After all is not only a fine chessgames database, but also a community of players, fans, chess enthusiasts. Why then should we not have some chess related news and interviews posted here?

Premium Chessgames Member
  jessicafischerqueen: <brankat> "Alpha Male" has only one purpose at this website, which is to make people angry for its own sake, for his own personal enjoyment.

He's a prime example of the kind of guy you'd make sure was at the other side of a room at an Anthropology mixer.

Luckily, at this website there are even better options.

You are quite right of course- is already the best chess website on the internet, by far- why not pitch together with the admins and make it even better?

Feb-16-12  brankat: Right on Jess!
Premium Chessgames Member
  wordfunph: 1972 San Antonio Church's Fried Chicken First International Chess Tournament:

<GM Lajos Portisch is very sensitive to noise, both during the games and when he is trying to sleep. The Hilton Palacio del Rio, serves as a tournament headquarters just across the street. Portisch who had been assigned in room 1607 was moved to 1908 in a search for a quiet air- conditioner but he didn't like it and was moved to 1739. Portisch said he thinks one day he will buy a house on a lonely island in the middle of Lake Balaton in Budapest so he can finally get some sleep.>

happy birthday, GM Lajos!

Premium Chessgames Member
  talisman: happy birthday!... how many GM's have said that if you played it it must be correct!
Apr-04-12  HeMateMe: I wonder if he still plays in the Hungarian closed championships?
Apr-08-12  ketchuplover: belated happy birthday :)
Jul-15-12  achieve: I tremendously enjoyed the 2-part Chessbase interview with <Lajos Portisch>!

It's linked at the bottom of the Bio section of this Player Page.

Portisch was a specialized Wijk aan Zee performer, winning a whopping 50% of the ones he participated in... Four wins out of just eight participations!

Neither Short, nor Timman himself, can match the Hungarian!

Kortchnoi also won 4, but out of 14 entries. = 29%

And Anand, record holder with a total of 5 victories, out of 16! participations. = 31%

The Great Anatoli Karpov scored 50%, scoring 2 wins out of (only) 4 participations.

Portisch was a fine player, and his stories are priceless.

Premium Chessgames Member
  Fusilli: <achieve> True, very enjoyable interview.

I thought his proposed time control was quite reasonable. Portisch says:

"I have studied chess history, and in the early 20th century and even later, the first time control was after thirty moves, not forty. Why not shorten the time of the first time control to one hour for thirty moves? Everyone knows the openings extremely well nowadays, with the internet, ChessBase, New in Chess and so on. That way there would be more time for the ending. Certainly what is going on now is no good."

Premium Chessgames Member
  parisattack: I interviewed GM Portisch for the university newspaper when he was touring the U.S. on the way to the Church's tournament in San Antonio, Texas late 1972. He was a very pleasant, proper gentleman in the manner of GMs of yesteryear.
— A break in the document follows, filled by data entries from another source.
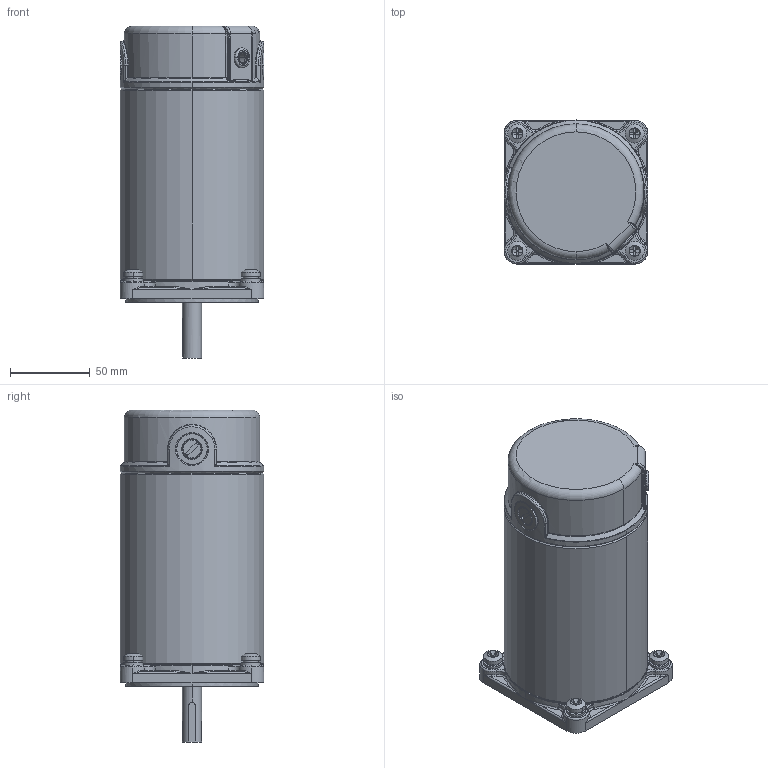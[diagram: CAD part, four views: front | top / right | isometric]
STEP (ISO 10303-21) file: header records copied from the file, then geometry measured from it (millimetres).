
FILE_DESCRIPTION (( 'STEP AP203' ), '1' );
FILE_NAME ('俋噤90嫖萇儂120儂褲.STEP', '2021-07-13T02:50:09', ( '' ), ( '' ), 'SwSTEP 2.0', 'SolidWorks 2021', '' );
FILE_SCHEMA (( 'CONFIG_CONTROL_DESIGN' ));
Length unit declared in the file: millimetre
Products named in the file (8): PRT0001_1; Z55D-300W-L_1; T_1; P_1; PRT0003_2_1; L_1; PRT0002_4; 俋噤90嫖萇儂120儂褲
Assembly tree (20 placements, depth 3):
  俋噤90嫖萇儂120儂褲
    Z55D-300W-L_1
      L_1  x6
      P_1  x4
      PRT0001_1
      T_1  x6
      PRT0003_2_1
      PRT0002_4
Bounding box: 90 x 90 x 208 mm (x, y, z)
Volume: 269386.5 mm3; surface area: 134875.6 mm2
Topology: 22 solids, 22 shells, 757 faces, 1775 edges, 1081 vertices
Faces by surface type: cylinder 251, cone 177, plane 165, bspline 86, torus 75, sphere 3
Entity records: 26434 total; most frequent: CARTESIAN_POINT 15241, ORIENTED_EDGE 2230, DIRECTION 1849, EDGE_CURVE 1115, AXIS2_PLACEMENT_3D 772, VERTEX_POINT 678, EDGE_LOOP 519, FACE_OUTER_BOUND 475

Larsen had recently spoken of a Danish School of Chess. I asked him with the lineage of Charousek, Maroczy, Breyer, Barcza and himself if there could be spoken of an Hungarian School of Chess. I don't recall his exact words but they were to the affect, "No, I cannot speak so optimistically as Larsen." Rather reserved, I think it was the only point in the interview he smiled.

Church's participants:

Apr-04-14  gars: Happy Birthday, Grandmaster Portisch!
Premium Chessgames Member
  offramp: Portisch reminds me of one of those correct opening batsmen who can play Lillee allright but has trouble against a less accurate and less predictable bowler like Thomson. Portisch could play the top players because he could guess their moves but he could struggle against the less predictable tailenders.
Premium Chessgames Member
  Penguincw: Happy 77th birthday to GM Lajos Portisch!
Oct-27-14  Zugzwangovich: Was there ever any other player who could lay claim to having beaten Tal, Petrosian, Spassky and Keres in the same tournament?
Nov-21-14  zanzibar: According to this site:

<Now thereís a name thatís unknown to a lot of players today, [...]>

Can that possibly be true?

(Wonder who conducts the surveys to determine this)

Tartajubow finishes with links to the two part Chessbase interview found in the bio above.

Premium Chessgames Member
  TheFocus: <Your only task in the opening is to reach a playable middlegame> - Lajos Portisch.
Premium Chessgames Member
  TheFocus: <He approaches the chess board as if about to perform a sacrament, and when one watches his deep concentration at play, even his silence seems different from the silence of the others> - (on Portisch) - Grigor Piatigorsky.
Premium Chessgames Member
  TheFocus: <The best decisions in chess are always those that are supported by accurate calculation> - Lajos Portisch.
Jun-05-15  ToTheDeath: <Your only task in the opening is to reach a playable middlegame> - Lajos Portisch.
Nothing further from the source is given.